(Prompt)
Copy each line containing the word "import" from the records that follow, please.

[Items listed in a dataset]
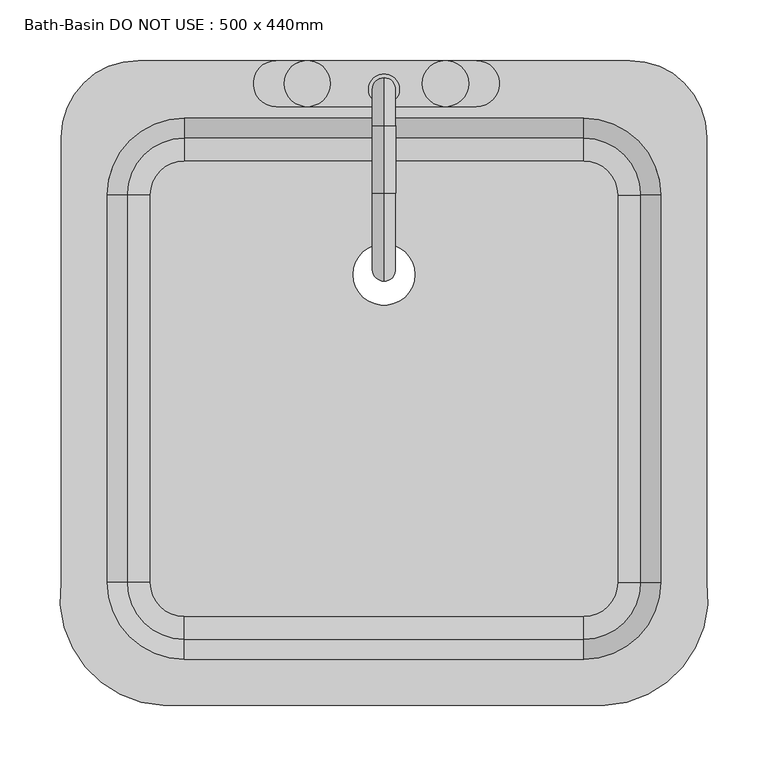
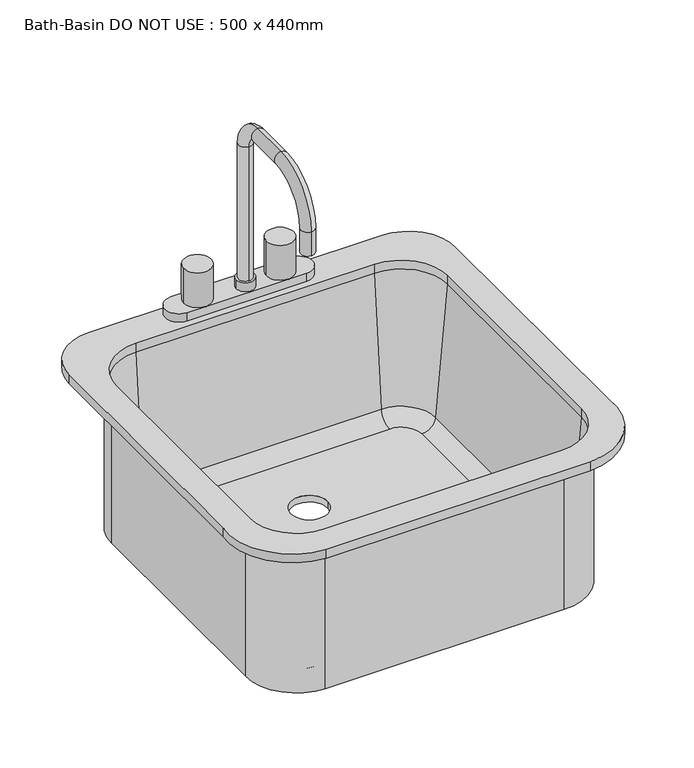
"""IFC4 building model written with IfcOpenShell, lengths in millimetres: flow terminal geometry, Bath-Basin DO NOT USE : 500 x 440mm."""

from ifc_helpers import new_model, si_unit, point, frame, origin, place, context, project, spatial, polyline, circle_curve, ellipse_curve, trimmed, source, transform, mapped, element, save
from ifc_brep_helpers import plane_surface, cylinder_surface, revolved_surface, advanced_brep


def bath_basin_do_not_use_500_x_440mm_3081fc1e(model_context):
    return source(origin(), model_context, "Body", "AdvancedBrep", [
        advanced_brep(
        [(250.6392406, 69.0204011, 546.1), (180.7892406, 138.8704011, 546.1), (180.7892406, 138.8704011, 762.0), (250.6392406, 69.0204011, 762.0), (250.6392406, -251.6545989, 546.1), (180.7892406, -321.5045989, 546.1), (-149.4107595, -321.5045989, 546.1), (-219.2607595, -251.6545989, 546.1), (-219.2607595, 69.0204011, 546.1), (-149.4107595, 138.8704011, 546.1), (-9.7107594, 3.175, 546.1), (41.0892406, 3.175, 546.1), (208.7776588, 69.0204011, 555.625), (180.7892406, 97.0088193, 555.625), (-149.4107595, 97.0088193, 555.625), (-177.3991777, 69.0204011, 555.625), (-177.3991777, -251.6545989, 555.625), (-149.4107595, -279.6430171, 555.625), (180.7892406, -279.6430171, 555.625), (208.7776588, -251.6545989, 555.625), (-9.7107594, 3.175, 555.625), (41.0892406, 3.175, 555.625), (227.7551678, 69.0204011, 573.0146831), (180.7892406, 115.9863283, 573.0146831), (244.2892406, 69.0204011, 762.0), (180.7892406, 132.5204011, 762.0), (250.6392406, -251.6545989, 762.0), (227.7551678, -251.6545989, 573.0146831), (244.2892406, -251.6545989, 762.0), (180.7892406, -321.5045989, 762.0), (180.7892406, -298.6205261, 573.0146831), (180.7892406, -315.1545989, 762.0), (-149.4107595, -321.5045989, 762.0), (-149.4107595, -298.6205261, 573.0146831), (-149.4107595, -315.1545989, 762.0), (-219.2607595, -251.6545989, 762.0), (-196.3766867, -251.6545989, 573.0146831), (-212.9107595, -251.6545989, 762.0), (-219.2607595, 69.0204011, 762.0), (-196.3766867, 69.0204011, 573.0146831), (-212.9107595, 69.0204011, 762.0), (-149.4107595, 138.8704011, 762.0), (-149.4107595, 115.9863283, 573.0146831), (-149.4107595, 132.5204011, 762.0), (-166.6606924, -353.2545989, 774.7), (198.0391735, -353.2545989, 774.7), (282.3892406, -251.6545989, 774.7), (282.3892406, 116.6454011, 774.7), (218.8892406, 180.1454011, 774.7), (-187.5107594, 180.1454011, 774.7), (-251.0107594, 116.6454011, 774.7), (-251.0107594, -251.6545982, 774.7), (180.7892406, 132.5204011, 774.7), (244.2892406, 69.0204011, 774.7), (244.2892406, -251.6545989, 774.7), (180.7892406, -315.1545989, 774.7), (-149.4107595, -315.1545989, 774.7), (-212.9107595, -251.6545989, 774.7), (-212.9107595, 69.0204011, 774.7), (-149.4107595, 132.5204011, 774.7), (-166.6606924, -353.2545989, 762.0), (-251.0107594, -251.6545982, 762.0), (-251.0107594, 116.6454011, 762.0), (-187.5107594, 180.1454011, 762.0), (218.8892406, 180.1454011, 762.0), (282.3892406, 116.6454011, 762.0), (282.3892406, -251.6545989, 762.0), (198.0391735, -353.2545989, 762.0)],
        [
            (0, 1, circle_curve(frame((180.7892406, 69.0204011, 546.1), z_axis=(0.0, 0.0, 1.0), x_axis=(0.0, 1.0, 0.0)), 69.85)),
            (1, 2),
            (2, 3, circle_curve(frame((180.7892406, 69.0204011, 762.0), z_axis=(0.0, 0.0, -1.0), x_axis=(0.0, 1.0, 0.0)), 69.85)),
            (3, 0),
            (0, 4),
            (4, 5, circle_curve(frame((180.7892406, -251.6545989, 546.1), z_axis=(0.0, 0.0, -1.0), x_axis=(1.0, 0.0, 0.0)), 69.85)),
            (5, 6),
            (6, 7, circle_curve(frame((-149.4107595, -251.6545989, 546.1), z_axis=(0.0, 0.0, -1.0), x_axis=(0.0, -1.0, 0.0)), 69.85)),
            (7, 8),
            (8, 9, circle_curve(frame((-149.4107595, 69.0204011, 546.1), z_axis=(0.0, 0.0, -1.0), x_axis=(-1.0, 0.0, 0.0)), 69.85)),
            (9, 1),
            (10, 11, circle_curve(frame((15.6892406, 3.175, 546.1), z_axis=(0.0, 0.0, 1.0), x_axis=(1.0, 0.0, 0.0)), 25.4)),
            (11, 10, circle_curve(frame((15.6892406, 3.175, 546.1), z_axis=(0.0, 0.0, 1.0), x_axis=(1.0, 0.0, 0.0)), 25.4)),
            (12, 13, circle_curve(frame((180.7892406, 69.0204011, 555.625), z_axis=(0.0, 0.0, 1.0), x_axis=(0.0, 1.0, 0.0)), 27.9884182)),
            (13, 14),
            (14, 15, circle_curve(frame((-149.4107595, 69.0204011, 555.625), z_axis=(0.0, 0.0, 1.0), x_axis=(-1.0, 0.0, 0.0)), 27.9884182)),
            (15, 16),
            (16, 17, circle_curve(frame((-149.4107595, -251.6545989, 555.625), z_axis=(0.0, 0.0, 1.0), x_axis=(0.0, -1.0, 0.0)), 27.9884182)),
            (17, 18),
            (18, 19, circle_curve(frame((180.7892406, -251.6545989, 555.625), z_axis=(0.0, 0.0, 1.0), x_axis=(1.0, 0.0, 0.0)), 27.9884182)),
            (19, 12),
            (20, 21, circle_curve(frame((15.6892406, 3.175, 555.625), z_axis=(0.0, 0.0, -1.0), x_axis=(1.0, 0.0, 0.0)), 25.4)),
            (21, 20, circle_curve(frame((15.6892406, 3.175, 555.625), z_axis=(0.0, 0.0, -1.0), x_axis=(1.0, 0.0, 0.0)), 25.4)),
            (12, 22, circle_curve(frame((208.7776588, 69.0204011, 574.675), z_axis=(0.0, -1.0, 0.0), x_axis=(1.0, 0.0, 0.0)), 19.05)),
            (22, 23, circle_curve(frame((180.7892406, 69.0204011, 573.0146831), z_axis=(0.0, 0.0, 1.0), x_axis=(0.0, 1.0, 0.0)), 46.9659272)),
            (23, 13, circle_curve(frame((180.7892406, 97.0088193, 574.675), z_axis=(-1.0, 0.0, 0.0), x_axis=(0.0, 1.0, 0.0)), 19.05)),
            (22, 24),
            (24, 25, circle_curve(frame((180.7892406, 69.0204011, 762.0), z_axis=(0.0, 0.0, 1.0), x_axis=(0.0, 1.0, 0.0)), 63.5)),
            (25, 23),
            (3, 26),
            (26, 4),
            (19, 27, circle_curve(frame((208.7776588, -251.6545989, 574.675), z_axis=(0.0, -1.0, 0.0), x_axis=(1.0, 0.0, 0.0)), 19.05)),
            (27, 22),
            (27, 28),
            (28, 24),
            (26, 29, circle_curve(frame((180.7892406, -251.6545989, 762.0), z_axis=(0.0, 0.0, -1.0), x_axis=(1.0, 0.0, 0.0)), 69.85)),
            (29, 5),
            (18, 30, circle_curve(frame((180.7892406, -279.6430171, 574.675), z_axis=(-1.0, 0.0, 0.0), x_axis=(0.0, -1.0, 0.0)), 19.05)),
            (30, 27, circle_curve(frame((180.7892406, -251.6545989, 573.0146831), z_axis=(0.0, 0.0, 1.0), x_axis=(1.0, 0.0, 0.0)), 46.9659272)),
            (30, 31),
            (31, 28, circle_curve(frame((180.7892406, -251.6545989, 762.0), z_axis=(0.0, 0.0, 1.0), x_axis=(1.0, 0.0, 0.0)), 63.5)),
            (29, 32),
            (32, 6),
            (17, 33, circle_curve(frame((-149.4107595, -279.6430171, 574.675), z_axis=(-1.0, 0.0, 0.0), x_axis=(0.0, -1.0, 0.0)), 19.05)),
            (33, 30),
            (33, 34),
            (34, 31),
            (32, 35, circle_curve(frame((-149.4107595, -251.6545989, 762.0), z_axis=(0.0, 0.0, -1.0), x_axis=(0.0, -1.0, 0.0)), 69.85)),
            (35, 7),
            (16, 36, circle_curve(frame((-177.3991777, -251.6545989, 574.675), z_axis=(0.0, 1.0, 0.0), x_axis=(-1.0, 0.0, 0.0)), 19.05)),
            (36, 33, circle_curve(frame((-149.4107595, -251.6545989, 573.0146831), z_axis=(0.0, 0.0, 1.0), x_axis=(0.0, -1.0, 0.0)), 46.9659272)),
            (36, 37),
            (37, 34, circle_curve(frame((-149.4107595, -251.6545989, 762.0), z_axis=(0.0, 0.0, 1.0), x_axis=(0.0, -1.0, 0.0)), 63.5)),
            (35, 38),
            (38, 8),
            (15, 39, circle_curve(frame((-177.3991777, 69.0204011, 574.675), z_axis=(0.0, 1.0, 0.0), x_axis=(-1.0, 0.0, 0.0)), 19.05)),
            (39, 36),
            (39, 40),
            (40, 37),
            (38, 41, circle_curve(frame((-149.4107595, 69.0204011, 762.0), z_axis=(0.0, 0.0, -1.0), x_axis=(-1.0, 0.0, 0.0)), 69.85)),
            (41, 9),
            (14, 42, circle_curve(frame((-149.4107595, 97.0088193, 574.675), z_axis=(1.0, 0.0, 0.0), x_axis=(0.0, 1.0, 0.0)), 19.05)),
            (42, 39, circle_curve(frame((-149.4107595, 69.0204011, 573.0146831), z_axis=(0.0, 0.0, 1.0), x_axis=(-1.0, 0.0, 0.0)), 46.9659272)),
            (42, 43),
            (43, 40, circle_curve(frame((-149.4107595, 69.0204011, 762.0), z_axis=(0.0, 0.0, 1.0), x_axis=(-1.0, 0.0, 0.0)), 63.5)),
            (41, 2),
            (23, 42),
            (25, 43),
            (20, 10),
            (11, 21),
            (44, 45),
            (45, 46, circle_curve(frame((194.2319558, -264.2793432, 774.7), z_axis=(0.0, 0.0, 1.0), x_axis=(1.0, 0.0, 0.0)), 89.0566732)),
            (46, 47),
            (47, 48, circle_curve(frame((218.8892406, 116.6454011, 774.7), z_axis=(0.0, 0.0, 1.0), x_axis=(1.0, 0.0, 0.0)), 63.5)),
            (48, 49),
            (49, 50, circle_curve(frame((-187.5107594, 116.6454011, 774.7), z_axis=(0.0, 0.0, 1.0), x_axis=(1.0, 0.0, 0.0)), 63.5)),
            (50, 51),
            (51, 44, circle_curve(frame((-162.8534746, -264.2793432, 774.7), z_axis=(0.0, 0.0, 1.0), x_axis=(1.0, 0.0, 0.0)), 89.0566732)),
            (52, 53, circle_curve(frame((180.7892406, 69.0204011, 774.7), z_axis=(0.0, 0.0, -1.0), x_axis=(1.0, 0.0, 0.0)), 63.5)),
            (53, 54),
            (54, 55, circle_curve(frame((180.7892406, -251.6545989, 774.7), z_axis=(0.0, 0.0, -1.0), x_axis=(1.0, 0.0, 0.0)), 63.5)),
            (55, 56),
            (56, 57, circle_curve(frame((-149.4107595, -251.6545989, 774.7), z_axis=(0.0, 0.0, -1.0), x_axis=(1.0, 0.0, 0.0)), 63.5)),
            (57, 58),
            (58, 59, circle_curve(frame((-149.4107595, 69.0204011, 774.7), z_axis=(0.0, 0.0, -1.0), x_axis=(1.0, 0.0, 0.0)), 63.5)),
            (59, 52),
            (60, 61, circle_curve(frame((-162.8534746, -264.2793432, 762.0), z_axis=(0.0, 0.0, -1.0), x_axis=(1.0, 0.0, 0.0)), 89.0566732)),
            (61, 62),
            (62, 63, circle_curve(frame((-187.5107594, 116.6454011, 762.0), z_axis=(0.0, 0.0, -1.0), x_axis=(1.0, 0.0, 0.0)), 63.5)),
            (63, 64),
            (64, 65, circle_curve(frame((218.8892406, 116.6454011, 762.0), z_axis=(0.0, 0.0, -1.0), x_axis=(1.0, 0.0, 0.0)), 63.5)),
            (65, 66),
            (66, 67, circle_curve(frame((194.2319558, -264.2793432, 762.0), z_axis=(0.0, 0.0, -1.0), x_axis=(1.0, 0.0, 0.0)), 89.0566732)),
            (67, 60),
            (44, 60),
            (67, 45),
            (66, 46),
            (65, 47),
            (64, 48),
            (63, 49),
            (62, 50),
            (61, 51),
            (52, 25),
            (24, 53),
            (28, 54),
            (31, 55),
            (34, 56),
            (37, 57),
            (40, 58),
            (43, 59),
        ],
        [
            cylinder_surface(frame((180.7892406, 69.0204011, 0.0), z_axis=(0.0, 0.0, -1.0), x_axis=(0.0, 1.0, 0.0)), 69.85),
            plane_surface(frame((180.7892406, 69.0204011, 546.1), z_axis=(0.0, 0.0, -1.0), x_axis=(0.0, 1.0, 0.0))),
            plane_surface(frame((180.7892406, 69.0204011, 555.625), z_axis=(0.0, 0.0, 1.0), x_axis=(0.0, 1.0, 0.0))),
            revolved_surface(trimmed(ellipse_curve(frame((180.7892406, 97.0088193, 574.675), z_axis=(1.0, 0.0, 0.0), x_axis=(0.0, 1.0, 0.0)), 19.05, 19.05), [point((180.7892406, 97.0088193, 555.625))], [point((180.7892406, 115.9863283, 573.0146831))], True, "CARTESIAN"), (180.7892406, 69.0204011, 0.0), (0.0, 0.0, -1.0)),
            revolved_surface(polyline([(180.7892406, 115.9863283, 573.0146831), (180.7892406, 132.5204011, 762.0)]), (180.7892406, 69.0204011, 0.0), (0.0, 0.0, -1.0)),
            plane_surface(frame((250.6392406, 69.0204011, 762.0), z_axis=(1.0, 0.0, 0.0), x_axis=(0.0, -1.0, 0.0))),
            revolved_surface(polyline([(227.82765880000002, -251.6545989, 574.675), (227.82765880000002, 69.0204011, 574.675)]), (208.7776588, 69.0204011, 574.675), (0.0, -1.0, 0.0)),
            plane_surface(frame((227.7551678, 69.0204011, 573.0146831), z_axis=(-0.9961946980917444, 0.0, 0.08715574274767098), x_axis=(0.0, -1.0, 0.0))),
            cylinder_surface(frame((180.7892406, -251.6545989, 0.0), z_axis=(0.0, 0.0, -1.0), x_axis=(1.0, 0.0, 0.0)), 69.85),
            revolved_surface(trimmed(ellipse_curve(frame((208.7776588, -251.6545989, 574.675), z_axis=(0.0, -1.0, 0.0), x_axis=(1.0, 0.0, 0.0)), 19.05, 19.05), [point((208.7776588, -251.6545989, 555.625))], [point((227.7551678, -251.6545989, 573.0146831))], True, "CARTESIAN"), (180.7892406, -251.6545989, 0.0), (0.0, 0.0, -1.0)),
            revolved_surface(polyline([(227.7551678, -251.6545989, 573.0146831), (244.2892406, -251.6545989, 762.0)]), (180.7892406, -251.6545989, 0.0), (0.0, 0.0, -1.0)),
            plane_surface(frame((180.7892406, -321.5045989, 762.0), z_axis=(0.0, -1.0, 0.0), x_axis=(-1.0, 0.0, 0.0))),
            revolved_surface(polyline([(-149.4107595, -298.6930171, 574.675), (180.7892406, -298.6930171, 574.675)]), (180.7892406, -279.6430171, 574.675), (-1.0, 0.0, 0.0)),
            plane_surface(frame((180.7892406, -298.6205261, 573.0146831), z_axis=(0.0, 0.9961946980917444, 0.08715574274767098), x_axis=(-1.0, 0.0, 0.0))),
            cylinder_surface(frame((-149.4107595, -251.6545989, 0.0), z_axis=(0.0, 0.0, -1.0), x_axis=(0.0, -1.0, 0.0)), 69.85),
            revolved_surface(trimmed(ellipse_curve(frame((-149.4107595, -279.6430171, 574.675), z_axis=(-1.0, 0.0, 0.0), x_axis=(0.0, -1.0, 0.0)), 19.05, 19.05), [point((-149.4107595, -279.6430171, 555.625))], [point((-149.4107595, -298.6205261, 573.0146831))], True, "CARTESIAN"), (-149.4107595, -251.6545989, 0.0), (0.0, 0.0, -1.0)),
            revolved_surface(polyline([(-149.4107595, -298.6205261, 573.0146831), (-149.4107595, -315.1545989, 762.0)]), (-149.4107595, -251.6545989, 0.0), (0.0, 0.0, -1.0)),
            plane_surface(frame((-219.2607595, -251.6545989, 762.0), z_axis=(-1.0, 0.0, 0.0), x_axis=(0.0, 1.0, 0.0))),
            revolved_surface(polyline([(-196.4491777, 69.02040110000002, 574.675), (-196.4491777, -251.6545989, 574.675)]), (-177.3991777, -251.6545989, 574.675), (0.0, 1.0, 0.0)),
            plane_surface(frame((-196.3766867, -251.6545989, 573.0146831), z_axis=(0.9961946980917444, 0.0, 0.08715574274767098), x_axis=(0.0, 1.0, 0.0))),
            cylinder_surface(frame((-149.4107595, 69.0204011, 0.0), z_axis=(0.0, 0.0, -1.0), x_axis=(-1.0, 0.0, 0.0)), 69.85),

(Result of this task)
from ifc_helpers import new_model, si_unit, point, frame, origin, place, context, project, spatial, polyline, circle_curve, ellipse_curve, trimmed, source, transform, mapped, element, save
from ifc_brep_helpers import plane_surface, cylinder_surface, revolved_surface, advanced_brep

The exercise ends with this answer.